This is reflected in the ongoing clearance of land for subsistence farming, cattle-grazing, rice paddies and the collection of fuel for cooking fires. There is also a growing problem with illegal logging in pursuit of tropical hardwoods. Since humans colonised it, approximately 2,000 years ago, the island has lost around 80% of its original forests, with deforestation having accelerated since the turn of the twentieth century. Only around 12% of it is now covered by primary forest, which is why its Atsinanana rainforests have taken up an unhappy place in the World Heritage list of threatened species. It is also why many species of lemurs are struggling to retain even a toehold in their natural habitats. Add to this evolving global climate patterns and you have a very sticky situation for the little primates (and all those species depending on it).
Who are these guys?
Lemurs are hugely diverse and Madagascar would be much poorer without them. They range in size from the pygmy mouse lemur, weighing in at only 28 grams, to the heavyweight Indri and Sifaki lemurs, which can weight almost 7 kilograms. Filling many different ecological niches, the various species are active at different times: some are diurnal, some nocturnal and others crepuscular (which means they favour dawn or dusk).

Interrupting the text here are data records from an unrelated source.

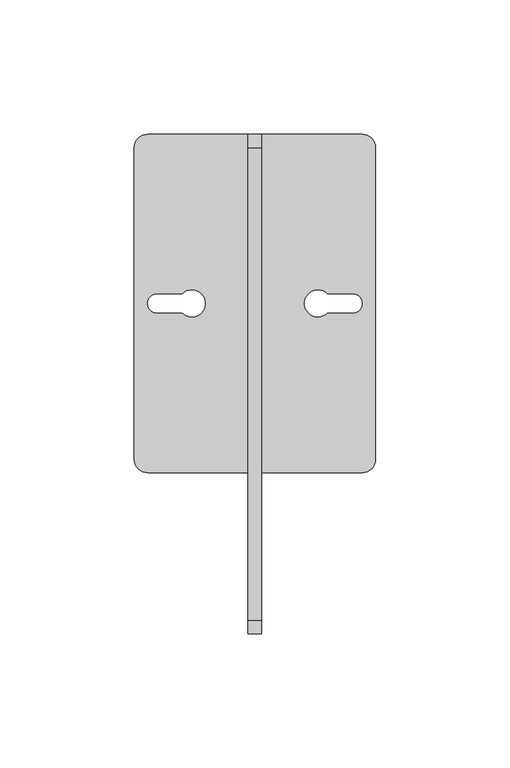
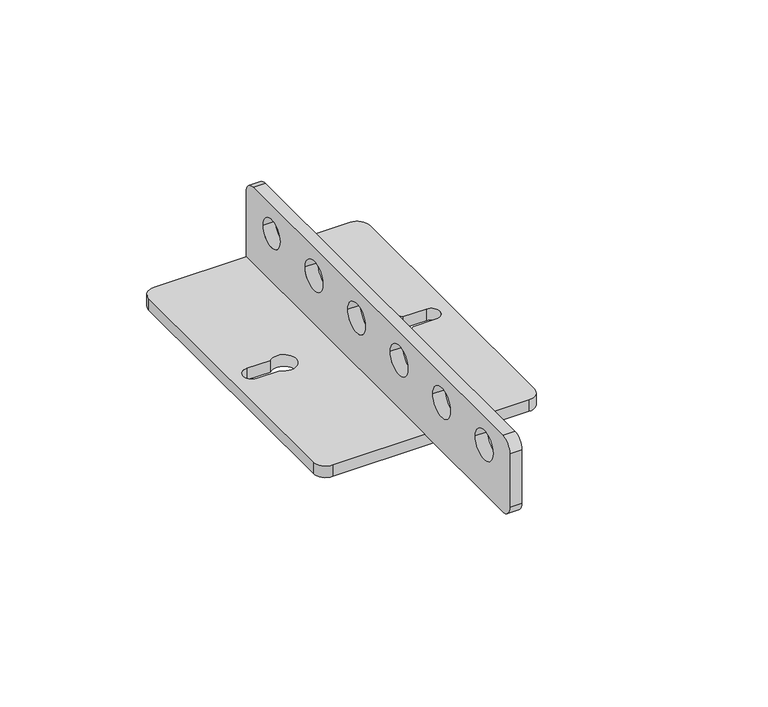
"""IFC4 building model written with IfcOpenShell, lengths in millimetres: proxy geometry, d&b M-Series Flying Adapter 02 : Flying Adapter 02."""

import ifcopenshell
import ifcopenshell.guid

model = None  # the IFC model being written
_history = None  # IfcOwnerHistory: only IFC2X3 demands one
_inside = {}  # id of a spatial element -> (the spatial element, [elements in it])
_under = {}  # id of a project, library or spatial element -> (it, [spatial elements below it])
_declared = {}  # id of a project -> (the project, [libraries it declares])
_typed = {}  # id of a type object -> (the type object, [elements of that type])
_made_of = {}  # id of a material, layer set ... -> (it, [elements and type objects made of it])


def new_model(schema):
    """Start an empty IFC model of exactly this schema.

    Asked for "IFC4X3", IfcOpenShell would pick the latest addendum, in which some entities
    have other attributes; the version numbers below select the first issue.
    IFC2X3 requires an IfcOwnerHistory on every rooted entity: one is made here for all.
    """
    global model, _history
    if schema == "IFC4X3":
        model = ifcopenshell.file(schema_version=(4, 3, 0, 0))
    else:
        model = ifcopenshell.file(schema=schema)
    _inside.clear()
    _under.clear()
    _declared.clear()
    _typed.clear()
    _made_of.clear()
    _history = None
    if model.schema == "IFC2X3":
        org = make("IfcOrganization", Name="unknown")
        user = make(
            "IfcPersonAndOrganization",
            ThePerson=make("IfcPerson", FamilyName="unknown"),
            TheOrganization=org,
        )
        app = make(
            "IfcApplication",
            ApplicationDeveloper=org,
            Version="unknown",
            ApplicationFullName="unknown",
            ApplicationIdentifier="unknown",
        )
        _history = make(
            "IfcOwnerHistory",
            OwningUser=user,
            OwningApplication=app,
            ChangeAction="ADDED",
            CreationDate=0,
        )
    return model


def make(cls, **values):
    """One entity of the class cls with the attributes given. An attribute that is None is left unset."""
    return model.create_entity(
        cls, **{name: value for name, value in values.items() if value is not None}
    )


def rooted(cls, **values):
    """An entity with a GlobalId (a new one), such as an element, a storey or a relation."""
    return make(cls, GlobalId=ifcopenshell.guid.new(), OwnerHistory=_history, **values)


def si_unit(unit_type, name, prefix=None):
    """IfcSIUnit, for example si_unit("LENGTHUNIT", "METRE", prefix="MILLI")."""
    return make("IfcSIUnit", UnitType=unit_type, Prefix=prefix, Name=name)


def assignment(units):
    """IfcUnitAssignment: the units of a project."""
    return None if units is None else make("IfcUnitAssignment", Units=units)


def point(xyz):
    """IfcCartesianPoint."""
    return None if xyz is None else make("IfcCartesianPoint", Coordinates=xyz)


def direction(xyz):
    """IfcDirection."""
    return None if xyz is None else make("IfcDirection", DirectionRatios=xyz)


def frame(location, z_axis=None, x_axis=None):
    """IfcAxis2Placement3D, a coordinate frame: its origin and axes. An axis left out is left unset."""
    return make(
        "IfcAxis2Placement3D",
        Location=point(location),
        Axis=direction(z_axis),
        RefDirection=direction(x_axis),
    )


def frame_2d(location, x_axis=None):
    """IfcAxis2Placement2D, a coordinate frame in the plane: its origin and x axis."""
    return make(
        "IfcAxis2Placement2D", Location=point(location), RefDirection=direction(x_axis)
    )


def origin():
    """The frame at (0, 0, 0) with its axes left unset."""
    return frame((0.0, 0.0, 0.0))


def origin_with_axes():
    """The frame at (0, 0, 0) with the z axis (0, 0, 1) and the x axis (1, 0, 0) written out."""
    return frame((0.0, 0.0, 0.0), z_axis=(0.0, 0.0, 1.0), x_axis=(1.0, 0.0, 0.0))


def place(relative_to, where):
    """IfcLocalPlacement: puts the frame where relative to a parent placement (None: the world)."""
    return make(
        "IfcLocalPlacement", PlacementRelTo=relative_to, RelativePlacement=where
    )


def context(
    kind, dimensions, precision=None, world=None, true_north=None, identifier=None
):
    """IfcGeometricRepresentationContext, for example the 3D "Model" context."""
    return make(
        "IfcGeometricRepresentationContext",
        ContextIdentifier=identifier,
        ContextType=kind,
        CoordinateSpaceDimension=dimensions,
        Precision=precision,
        WorldCoordinateSystem=world,
        TrueNorth=true_north,
    )


def project(units=None, contexts=None):
    """IfcProject with its units and contexts."""
    return rooted(
        "IfcProject",
        Name="project",
        RepresentationContexts=contexts,
        UnitsInContext=assignment(units),
    )


def spatial(cls, under=None, at=None, **own):
    """A site, building, storey or space (cls), placed at a placement, below another one or the project."""
    s = rooted(cls, ObjectPlacement=at, **own)
    if under is not None:
        _under.setdefault(under.id(), (under, []))[1].append(s)
    return s


def polyline(points):
    """IfcPolyline through the points."""
    return make("IfcPolyline", Points=[point(p) for p in points])


def circle_curve(where, radius):
    """IfcCircle in the frame where."""
    return make("IfcCircle", Position=where, Radius=radius)


def trimmed(basis, trim1, trim2, sense, master):
    """IfcTrimmedCurve: the piece of a basis curve between two trims."""
    return make(
        "IfcTrimmedCurve",
        BasisCurve=basis,
        Trim1=trim1,
        Trim2=trim2,
        SenseAgreement=sense,
        MasterRepresentation=master,
    )


def segment(curve, same_sense, transition):
    """IfcCompositeCurveSegment."""
    return make(
        "IfcCompositeCurveSegment",
        Transition=transition,
        SameSense=same_sense,
        ParentCurve=curve,
    )


def composite_curve(segments, self_intersect=None):
    """IfcCompositeCurve: segments joined end to end."""
    return make("IfcCompositeCurve", Segments=segments, SelfIntersect=self_intersect)


def outline(outer, holes=None, kind="AREA"):
    """IfcArbitraryClosedProfileDef: a profile drawn as a closed curve; with holes, ...WithVoids."""
    if holes is None:
        return make("IfcArbitraryClosedProfileDef", ProfileType=kind, OuterCurve=outer)
    return make(
        "IfcArbitraryProfileDefWithVoids",
        ProfileType=kind,
        OuterCurve=outer,
        InnerCurves=holes,
    )


def extrude(swept, where, along, depth):
    """IfcExtrudedAreaSolid: the profile swept, set in the frame where, extruded along a direction by depth."""
    return make(
        "IfcExtrudedAreaSolid",
        SweptArea=swept,
        Position=where,
        ExtrudedDirection=direction(along),
        Depth=depth,
    )


def shape(context_of_items, identifier, shape_type, items):
    """IfcShapeRepresentation: the items that make up one representation, for example the "Body"."""
    return make(
        "IfcShapeRepresentation",
        ContextOfItems=context_of_items,
        RepresentationIdentifier=identifier,
        RepresentationType=shape_type,
        Items=items,
    )


def source(mapping_origin, context_of_items, identifier, shape_type, items):
    """IfcRepresentationMap: a shape defined once, which mapped items show again and again."""
    return make(
        "IfcRepresentationMap",
        MappingOrigin=mapping_origin,
        MappedRepresentation=shape(context_of_items, identifier, shape_type, items),
    )


def transform(
    local_origin,
    x_axis=None,
    y_axis=None,
    z_axis=None,
    scale=None,
    scale2=None,
    scale3=None,
    uniform=True,
):
    """IfcCartesianTransformationOperator3D, or its non-uniform kind. x_axis, y_axis, z_axis: its Axis1, 2, 3."""
    if uniform:
        return make(
            "IfcCartesianTransformationOperator3D",
            Axis1=direction(x_axis),
            Axis2=direction(y_axis),
            LocalOrigin=point(local_origin),
            Scale=scale,
            Axis3=direction(z_axis),
        )
    return make(
        "IfcCartesianTransformationOperator3DnonUniform",
        Axis1=direction(x_axis),
        Axis2=direction(y_axis),
        LocalOrigin=point(local_origin),
        Scale=scale,
        Axis3=direction(z_axis),
        Scale2=scale2,
        Scale3=scale3,
    )


def mapped(mapping_source, mapping_target):
    """IfcMappedItem: shows the shape of a source again, moved by a transform."""
    return make(
        "IfcMappedItem", MappingSource=mapping_source, MappingTarget=mapping_target
    )


def made_of(thing, what):
    """Note that an element or type object is made of a material, layer set ...; save() writes the relation."""
    if what is not None:
        _made_of.setdefault(what.id(), (what, []))[1].append(thing)
    return thing


def element(
    cls,
    number,
    at=None,
    inside=None,
    cuts=None,
    type_object=None,
    material=None,
    context=None,
    identifier="Body",
    shape_type=None,
    held_by="IfcProductDefinitionShape",
    body=None,
    shapes=None,
    **own,
):
    """One element of the class cls, such as IfcWall. Its Tag is "e" and its number.

    at: its placement. inside: the storey or other place that contains it. cuts: it is an
    opening in that element (IfcRelVoidsElement). A single representation is given by context,
    identifier, shape_type and body (its items); several are given by shapes. held_by: the class
    of the entity that holds the representations. save() writes the other relations.
    """
    e = rooted(cls, Tag="e%d" % number, ObjectPlacement=at, **own)
    if body is not None:
        shapes = [shape(context, identifier, shape_type, body)]
    if shapes is not None:
        e.Representation = make(held_by, Representations=shapes)
    if inside is not None:
        _inside.setdefault(inside.id(), (inside, []))[1].append(e)
    if cuts is not None:
        rooted(
            "IfcRelVoidsElement", RelatingBuildingElement=cuts, RelatedOpeningElement=e
        )
    if type_object is not None:
        _typed.setdefault(type_object.id(), (type_object, []))[1].append(e)
    return made_of(e, material)


def aggregate(whole, parts):
    """IfcRelAggregates: a whole, such as a stair, and the parts it consists of."""
    return rooted("IfcRelAggregates", RelatingObject=whole, RelatedObjects=parts)


def save(model, path):
    """Write the relations noted so far, then the file.

    IfcRelAggregates (storeys below a building ...), IfcRelContainedInSpatialStructure (elements
    in a storey), IfcRelDefinesByType, IfcRelAssociatesMaterial and IfcRelDeclares: one each for
    every whole, place, type object, material and project.
    """
    for whole, parts in _under.values():
        aggregate(whole, parts)
    for where, things in _inside.values():
        rooted(
            "IfcRelContainedInSpatialStructure",
            RelatedElements=things,
            RelatingStructure=where,
        )
    for kind, things in _typed.values():
        rooted("IfcRelDefinesByType", RelatedObjects=things, RelatingType=kind)
    for what, things in _made_of.values():
        rooted("IfcRelAssociatesMaterial", RelatedObjects=things, RelatingMaterial=what)
    for by, libraries in _declared.values():
        rooted("IfcRelDeclares", RelatingContext=by, RelatedDefinitions=libraries)
    model.write(path)


def communication_devices_95b38b16(model_context):
    return source(origin(), model_context, "Body", "SweptSolid", [
        extrude(outline(composite_curve([segment(trimmed(circle_curve(frame_2d((-40.0, 58.0)), 5.0), [point((-45.0, 58.0))], [point((-40.0, 63.0))], False, "CARTESIAN"), True, "CONTINUOUS"), segment(polyline([(-40.0, 63.0), (40.0, 63.0)]), True, "CONTINUOUS"), segment(trimmed(circle_curve(frame_2d((40.0, 58.0)), 5.0), [point((40.0, 63.0))], [point((45.0, 58.0))], False, "CARTESIAN"), True, "CONTINUOUS"), segment(polyline([(45.0, 58.0), (45.0, -58.0)]), True, "CONTINUOUS"), segment(trimmed(circle_curve(frame_2d((40.0, -58.0)), 5.0), [point((45.0, -58.0))], [point((40.0, -63.0))], False, "CARTESIAN"), True, "CONTINUOUS"), segment(polyline([(40.0, -63.0), (-40.0, -63.0)]), True, "CONTINUOUS"), segment(trimmed(circle_curve(frame_2d((-40.0, -58.0)), 5.0), [point((-40.0, -63.0))], [point((-45.0, -58.0))], False, "CARTESIAN"), True, "CONTINUOUS"), segment(polyline([(-45.0, -58.0), (-45.0, 58.0)]), True, "CONTINUOUS")], self_intersect=False), holes=[composite_curve([segment(polyline([(-36.5, -3.5), (-27.0707142, -3.5)]), True, "CONTINUOUS"), segment(trimmed(circle_curve(frame_2d((-23.5, 0.0)), 5.0), [point((-27.0707142, -3.5))], [point((-27.0707142, 3.5))], True, "CARTESIAN"), True, "CONTINUOUS"), segment(polyline([(-27.0707142, 3.5), (-36.5, 3.5)]), True, "CONTINUOUS"), segment(trimmed(circle_curve(frame_2d((-36.5, 0.0)), 3.5), [point((-36.5, 3.5))], [point((-36.5, -3.5))], True, "CARTESIAN"), True, "CONTINUOUS")], self_intersect=False), composite_curve([segment(trimmed(circle_curve(frame_2d((36.5, 0.0)), 3.5), [point((36.5, -3.5))], [point((36.5, 3.5))], True, "CARTESIAN"), True, "CONTINUOUS"), segment(polyline([(36.5, 3.5), (27.0707142, 3.5)]), True, "CONTINUOUS"), segment(trimmed(circle_curve(frame_2d((23.5, 0.0)), 5.0), [point((27.0707142, 3.5))], [point((27.0707142, -3.5))], True, "CARTESIAN"), True, "CONTINUOUS"), segment(polyline([(27.0707142, -3.5), (36.5, -3.5)]), True, "CONTINUOUS")], self_intersect=False)]), origin_with_axes(), (0.0, 0.0, 1.0), 5.0),
        extrude(outline(composite_curve([segment(trimmed(circle_curve(frame_2d((-118.0, 10.0)), 5.0), [point((-118.0, 5.0))], [point((-123.0, 10.0))], False, "CARTESIAN"), True, "CONTINUOUS"), segment(polyline([(-123.0, 10.0), (-123.0, 33.0)]), True, "CONTINUOUS"), segment(trimmed(circle_curve(frame_2d((-118.0, 33.0)), 5.0), [point((-123.0, 33.0))], [point((-118.0, 38.0))], False, "CARTESIAN"), True, "CONTINUOUS"), segment(polyline([(-118.0, 38.0), (58.0, 38.0)]), True, "CONTINUOUS"), segment(trimmed(circle_curve(frame_2d((58.0, 33.0)), 5.0), [point((58.0, 38.0))], [point((63.0, 33.0))], False, "CARTESIAN"), True, "CONTINUOUS"), segment(polyline([(63.0, 33.0), (63.0, 5.0), (-118.0, 5.0)]), True, "CONTINUOUS")], self_intersect=False), holes=[composite_curve([segment(trimmed(circle_curve(frame_2d((-75.0, 26.0)), 6.25), [point((-68.75, 26.0))], [point((-81.25, 26.0))], True, "CARTESIAN"), True, "CONTINUOUS"), segment(trimmed(circle_curve(frame_2d((-75.0, 26.0)), 6.25), [point((-81.25, 26.0))], [point((-68.75, 26.0))], True, "CARTESIAN"), True, "CONTINUOUS")], self_intersect=False), composite_curve([segment(trimmed(circle_curve(frame_2d((-45.0, 26.0)), 6.25), [point((-38.75, 26.0))], [point((-51.25, 26.0))], True, "CARTESIAN"), True, "CONTINUOUS"), segment(trimmed(circle_curve(frame_2d((-45.0, 26.0)), 6.25), [point((-51.25, 26.0))], [point((-38.75, 26.0))], True, "CARTESIAN"), True, "CONTINUOUS")], self_intersect=False), composite_curve([segment(trimmed(circle_curve(frame_2d((-15.0, 26.0)), 6.25), [point((-8.75, 26.0))], [point((-21.25, 26.0))], True, "CARTESIAN"), True, "CONTINUOUS"), segment(trimmed(circle_curve(frame_2d((-15.0, 26.0)), 6.25), [point((-21.25, 26.0))], [point((-8.75, 26.0))], True, "CARTESIAN"), True, "CONTINUOUS")], self_intersect=False), composite_curve([segment(trimmed(circle_curve(frame_2d((15.0, 26.0)), 6.25), [point((21.25, 26.0))], [point((8.75, 26.0))], True, "CARTESIAN"), True, "CONTINUOUS"), segment(trimmed(circle_curve(frame_2d((15.0, 26.0)), 6.25), [point((8.75, 26.0))], [point((21.25, 26.0))], True, "CARTESIAN"), True, "CONTINUOUS")], self_intersect=False), composite_curve([segment(trimmed(circle_curve(frame_2d((45.0, 26.0)), 6.0), [point((51.0, 26.0))], [point((39.0, 26.0))], True, "CARTESIAN"), True, "CONTINUOUS"), segment(trimmed(circle_curve(frame_2d((45.0, 26.0)), 6.0), [point((39.0, 26.0))], [point((51.0, 26.0))], True, "CARTESIAN"), True, "CONTINUOUS")], self_intersect=False), composite_curve([segment(trimmed(circle_curve(frame_2d((-105.0, 26.0)), 6.25), [point((-98.75, 26.0))], [point((-111.25, 26.0))], True, "CARTESIAN"), True, "CONTINUOUS"), segment(trimmed(circle_curve(frame_2d((-105.0, 26.0)), 6.25), [point((-111.25, 26.0))], [point((-98.75, 26.0))], True, "CARTESIAN"), True, "CONTINUOUS")], self_intersect=False)]), frame((-2.5, 0.0, 0.0), z_axis=(1.0, 0.0, 0.0), x_axis=(0.0, 1.0, 0.0)), (0.0, 0.0, 1.0), 5.0),
    ])


if __name__ == "__main__":
    model = new_model("IFC4")
    model_context = context("Model", 3, world=origin())
    ifc_project = project(units=[si_unit("LENGTHUNIT", "METRE", prefix="MILLI")], contexts=[model_context])
    site = spatial("IfcSite", under=ifc_project)
    building = spatial("IfcBuilding", under=site)
    placement = place(None, origin())
    communication_devices_shape = communication_devices_95b38b16(model_context)
    element("IfcBuildingElementProxy", 1, Name="d&b M-Series Flying Adapter 02 : Flying Adapter 02", ObjectType="d&b M-Series Flying Adapter 02 : Flying Adapter 02", at=placement, inside=building, context=model_context, shape_type="MappedRepresentation", body=[
        mapped(communication_devices_shape, transform((0.0, 0.0, 0.0), x_axis=(1.0, 0.0, 0.0), y_axis=(0.0, 1.0, 0.0), z_axis=(0.0, 0.0, 1.0))),
    ])
    save(model, "model.ifc")

There is also plenty of mythology surrounding them: the aye-aye, for instance, a nocturnal species with an elongated middle finger that it uses for winkling out grubs from tree bark, is often thought to be a harbinger of death. Thankfully, particularly from the perspective of the aye-aye, these myths are beginning to collapse. However, even this is a bit of a double-edged sword because the erosion of long-standing cultural taboos may go some way to explaining the enthusiastic inclusion of some species of lemur in the (illegal) bushmeat trade.
Preserving sustainable wild lemur populations will inevitably also involve preserving their habitat. The benefits of this extend far beyond the lemurs themselves, affecting the overall biodiversity of Madagascar and the economic health of the country.
What is the current conservation status of lemurs?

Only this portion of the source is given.